(Records from a data source)
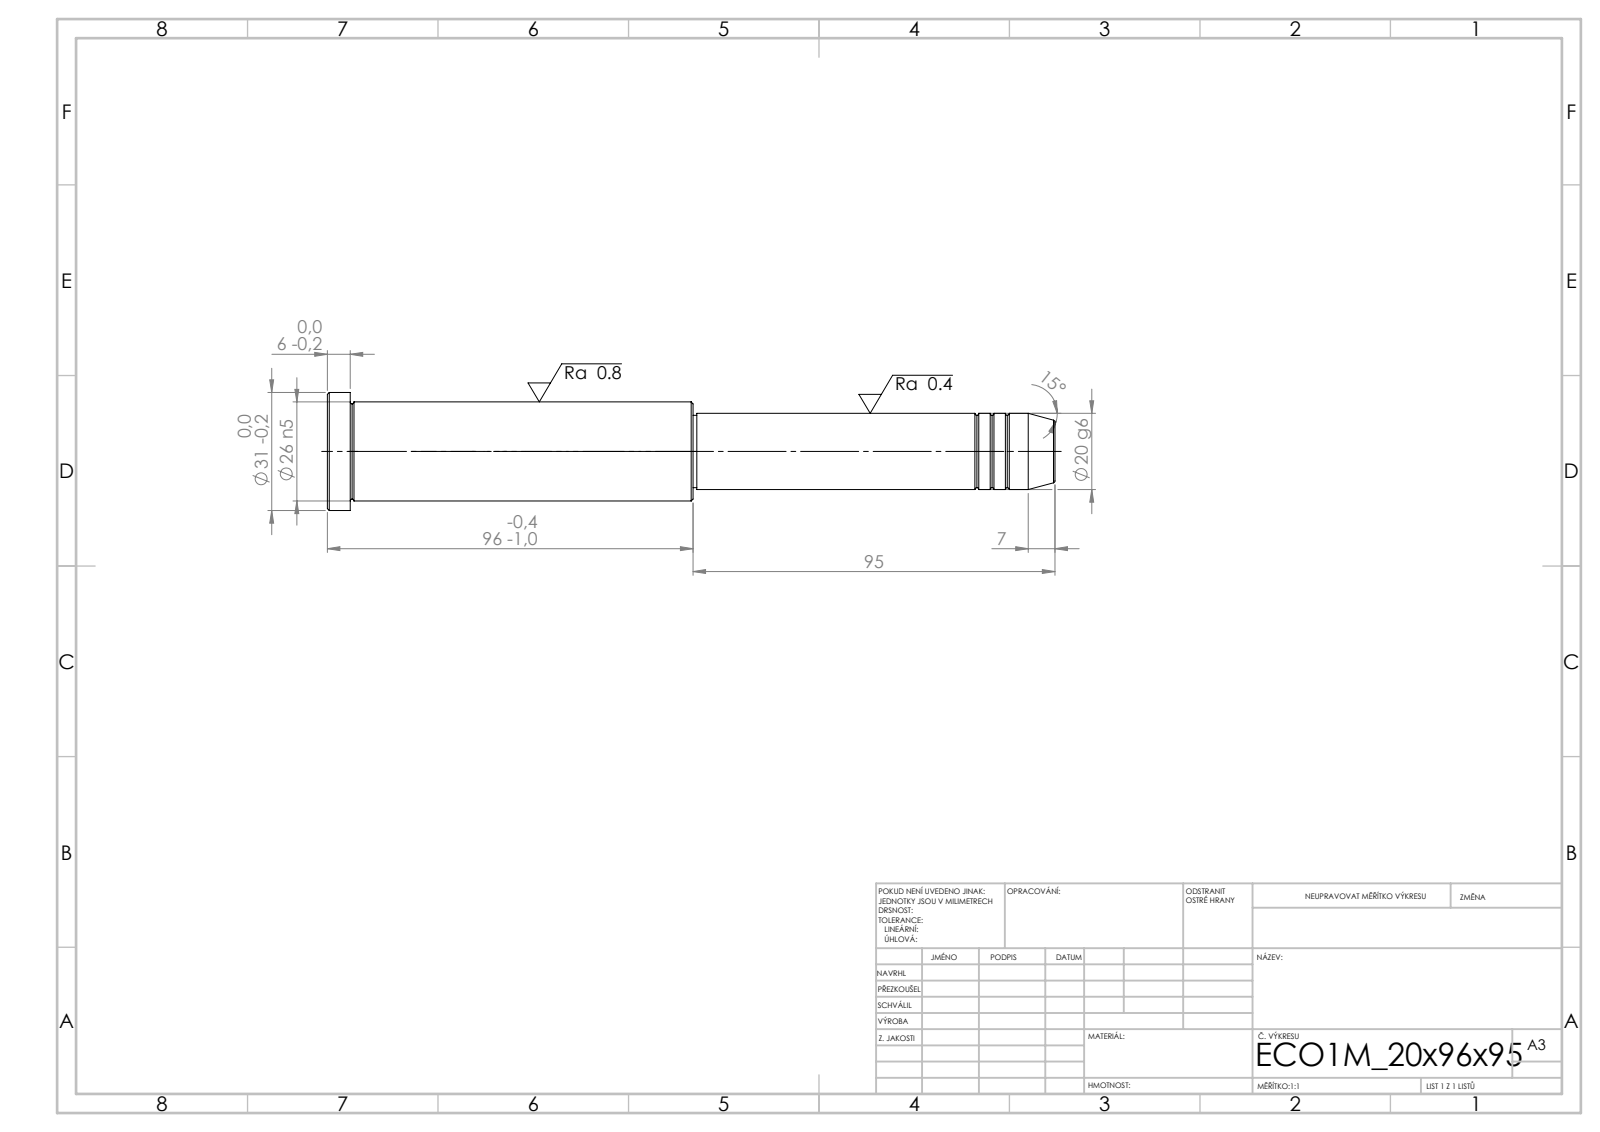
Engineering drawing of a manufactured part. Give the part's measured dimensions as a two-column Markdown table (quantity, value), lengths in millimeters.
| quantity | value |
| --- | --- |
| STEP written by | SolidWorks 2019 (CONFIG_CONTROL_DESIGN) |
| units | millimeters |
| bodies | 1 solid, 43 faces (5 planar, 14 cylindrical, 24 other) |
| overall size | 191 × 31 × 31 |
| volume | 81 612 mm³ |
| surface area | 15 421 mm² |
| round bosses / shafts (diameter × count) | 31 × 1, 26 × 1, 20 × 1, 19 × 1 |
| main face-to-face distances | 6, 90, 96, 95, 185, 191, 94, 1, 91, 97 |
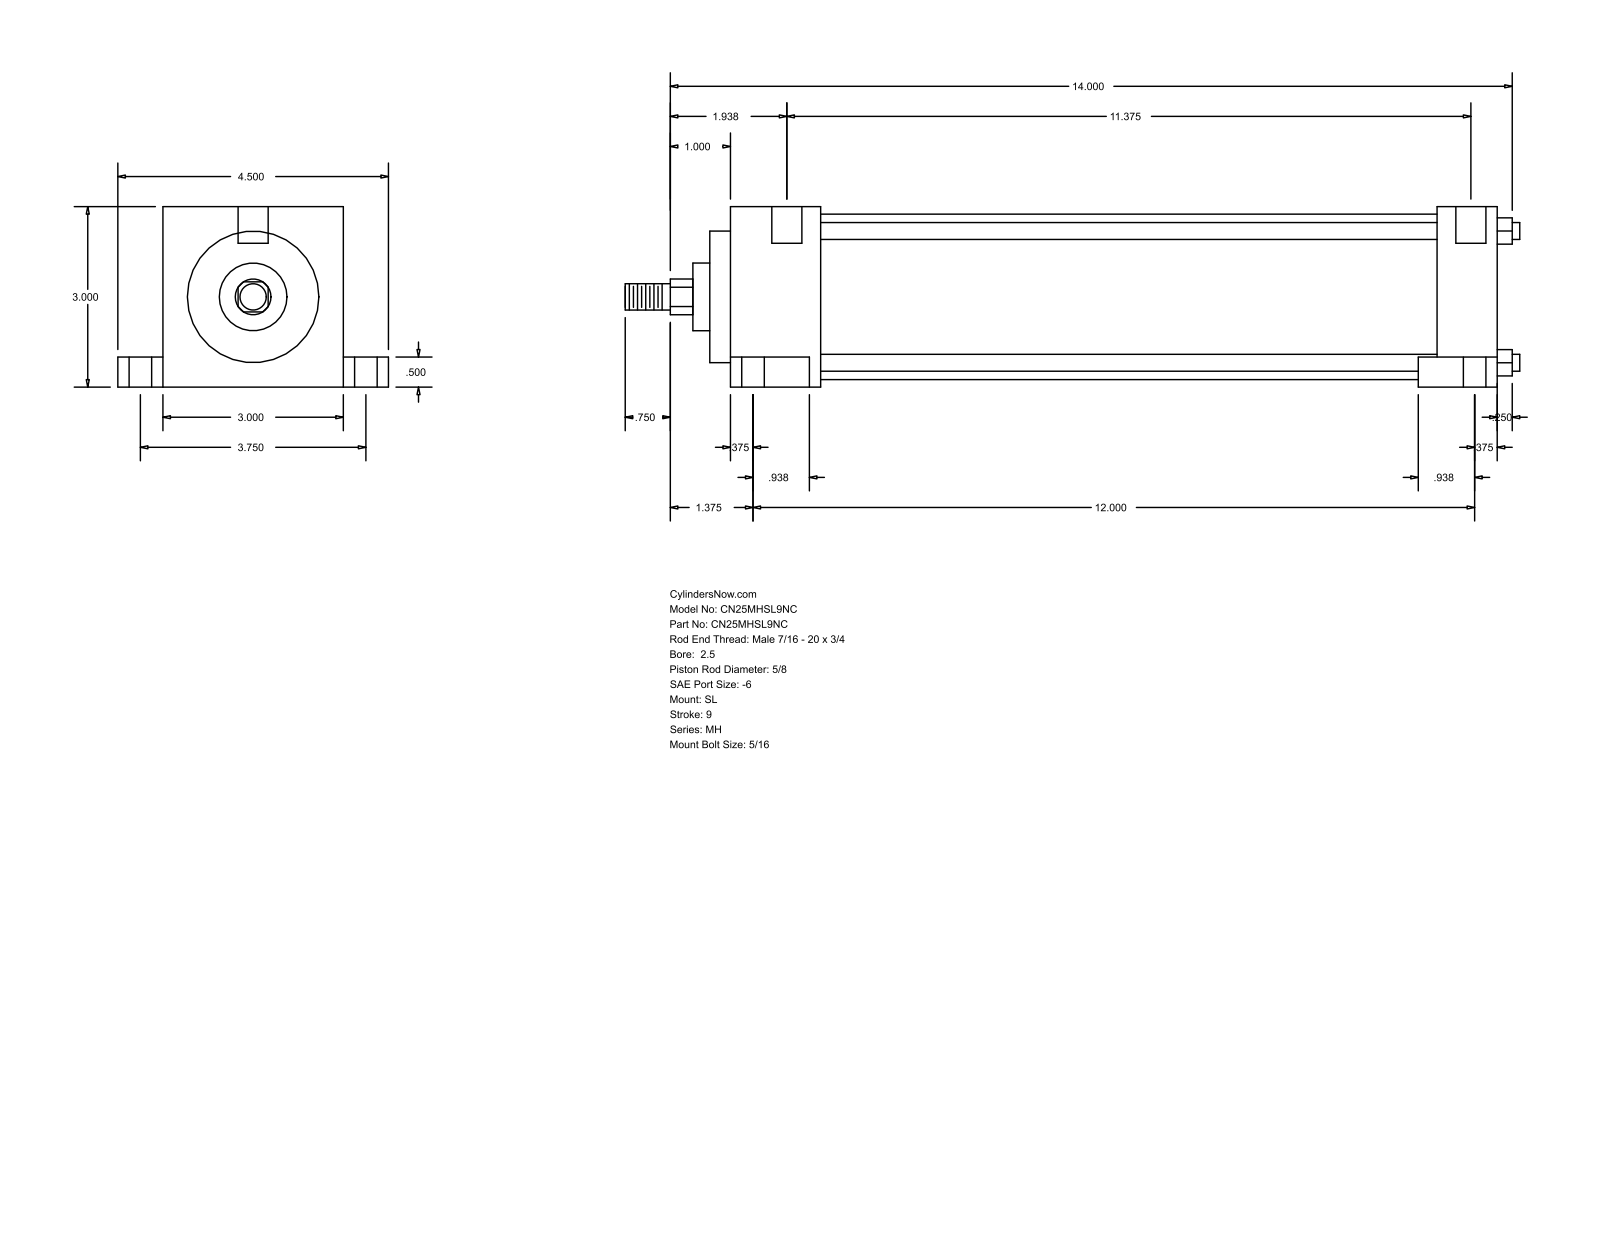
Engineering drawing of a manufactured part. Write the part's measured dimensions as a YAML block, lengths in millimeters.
---
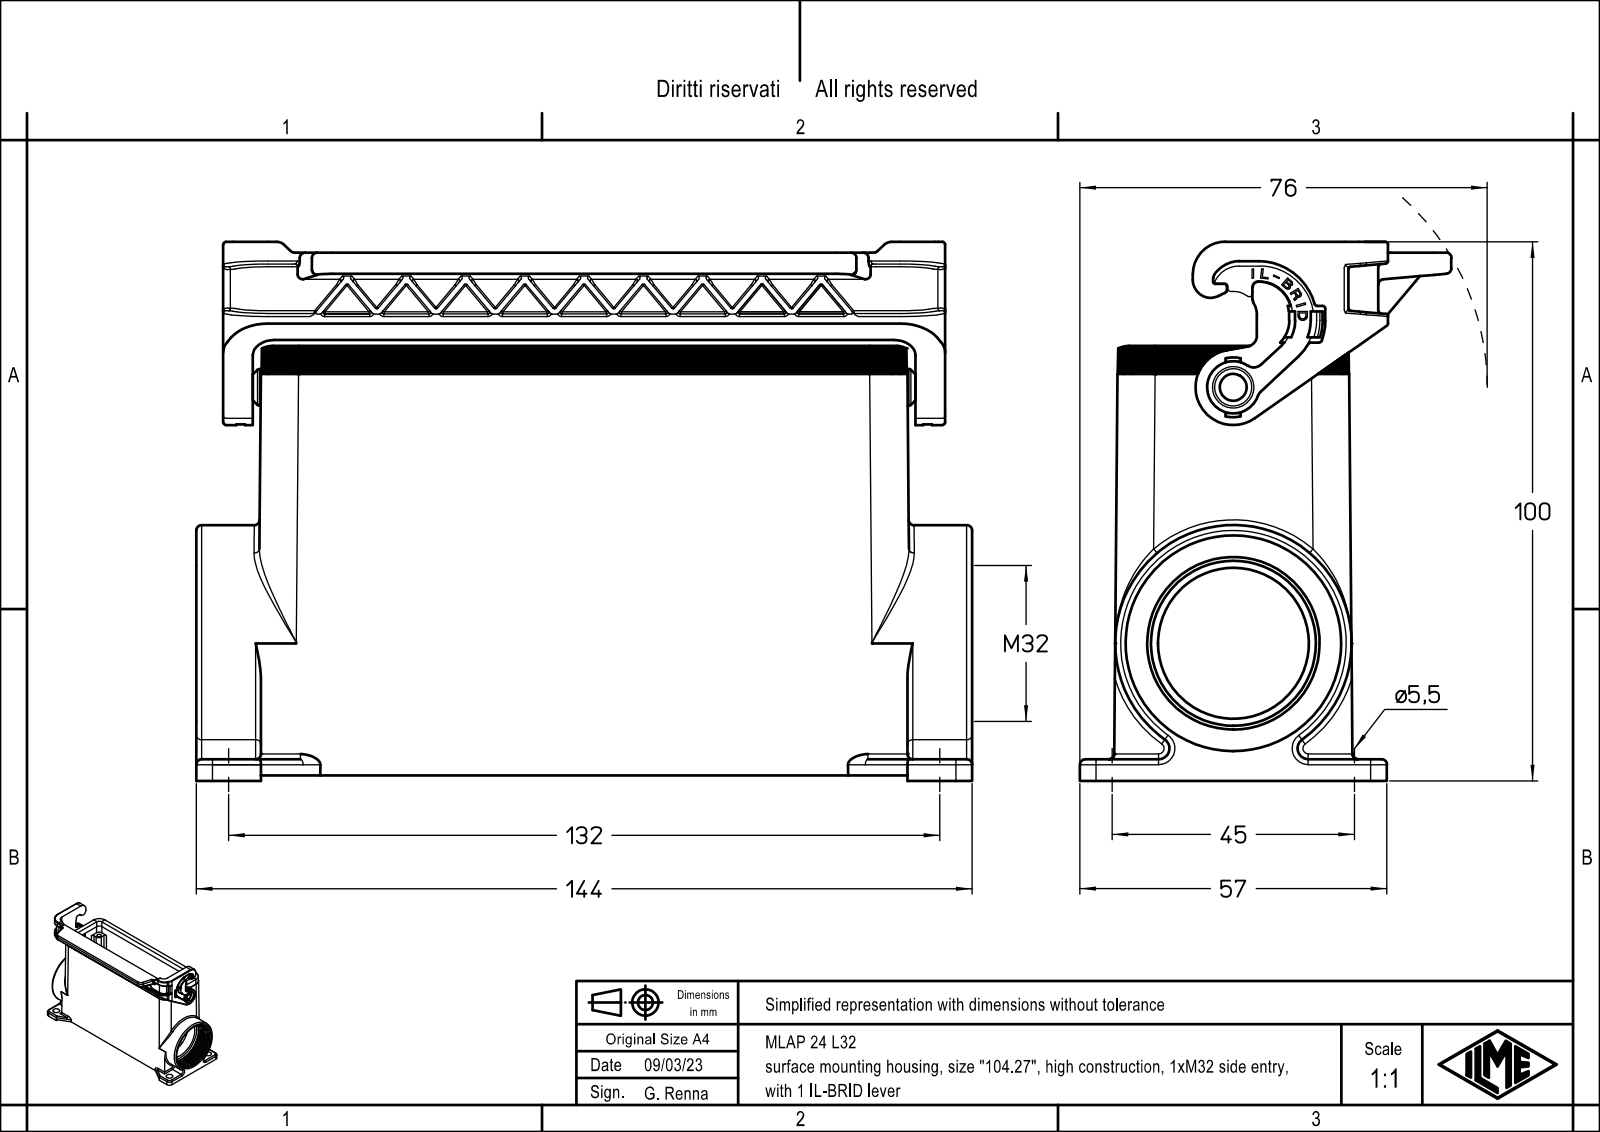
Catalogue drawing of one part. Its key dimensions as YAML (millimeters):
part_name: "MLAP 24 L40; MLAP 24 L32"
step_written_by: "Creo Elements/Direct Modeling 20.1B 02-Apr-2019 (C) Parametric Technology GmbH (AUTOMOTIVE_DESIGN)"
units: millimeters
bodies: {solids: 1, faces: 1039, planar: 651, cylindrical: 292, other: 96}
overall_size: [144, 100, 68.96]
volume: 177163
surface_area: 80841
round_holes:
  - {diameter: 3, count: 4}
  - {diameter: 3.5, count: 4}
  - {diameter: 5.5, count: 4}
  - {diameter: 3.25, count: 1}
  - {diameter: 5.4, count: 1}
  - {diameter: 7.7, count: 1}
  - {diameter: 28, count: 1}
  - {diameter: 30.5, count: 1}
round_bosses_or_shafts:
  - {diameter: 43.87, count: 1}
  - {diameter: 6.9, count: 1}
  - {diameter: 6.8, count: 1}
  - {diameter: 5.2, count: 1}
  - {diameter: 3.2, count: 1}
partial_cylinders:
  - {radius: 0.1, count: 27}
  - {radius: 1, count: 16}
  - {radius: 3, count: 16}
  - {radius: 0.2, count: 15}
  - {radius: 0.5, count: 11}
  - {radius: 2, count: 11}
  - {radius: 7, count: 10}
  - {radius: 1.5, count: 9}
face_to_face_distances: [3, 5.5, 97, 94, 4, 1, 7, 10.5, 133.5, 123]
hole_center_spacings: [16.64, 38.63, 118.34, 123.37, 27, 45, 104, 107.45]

# WHAT THE EXERCISE ASKS
In the records above, find the line with "Engineering drawing of a manufactured part. Give" and the line with "Engineering drawing of a manufactured part. Write", then restate word for word only those two lines and all lines between, omitting pictures.

# EXERCISE RESULT
Engineering drawing of a manufactured part. Give the part's measured dimensions as a two-column Markdown table (quantity, value), lengths in millimeters.
| quantity | value |
| --- | --- |
| STEP written by | SolidWorks 2019 (CONFIG_CONTROL_DESIGN) |
| units | millimeters |
| bodies | 1 solid, 43 faces (5 planar, 14 cylindrical, 24 other) |
| overall size | 191 × 31 × 31 |
| volume | 81 612 mm³ |
| surface area | 15 421 mm² |
| round bosses / shafts (diameter × count) | 31 × 1, 26 × 1, 20 × 1, 19 × 1 |
| main face-to-face distances | 6, 90, 96, 95, 185, 191, 94, 1, 91, 97 |
Engineering drawing of a manufactured part. Write the part's measured dimensions as a YAML block, lengths in millimeters.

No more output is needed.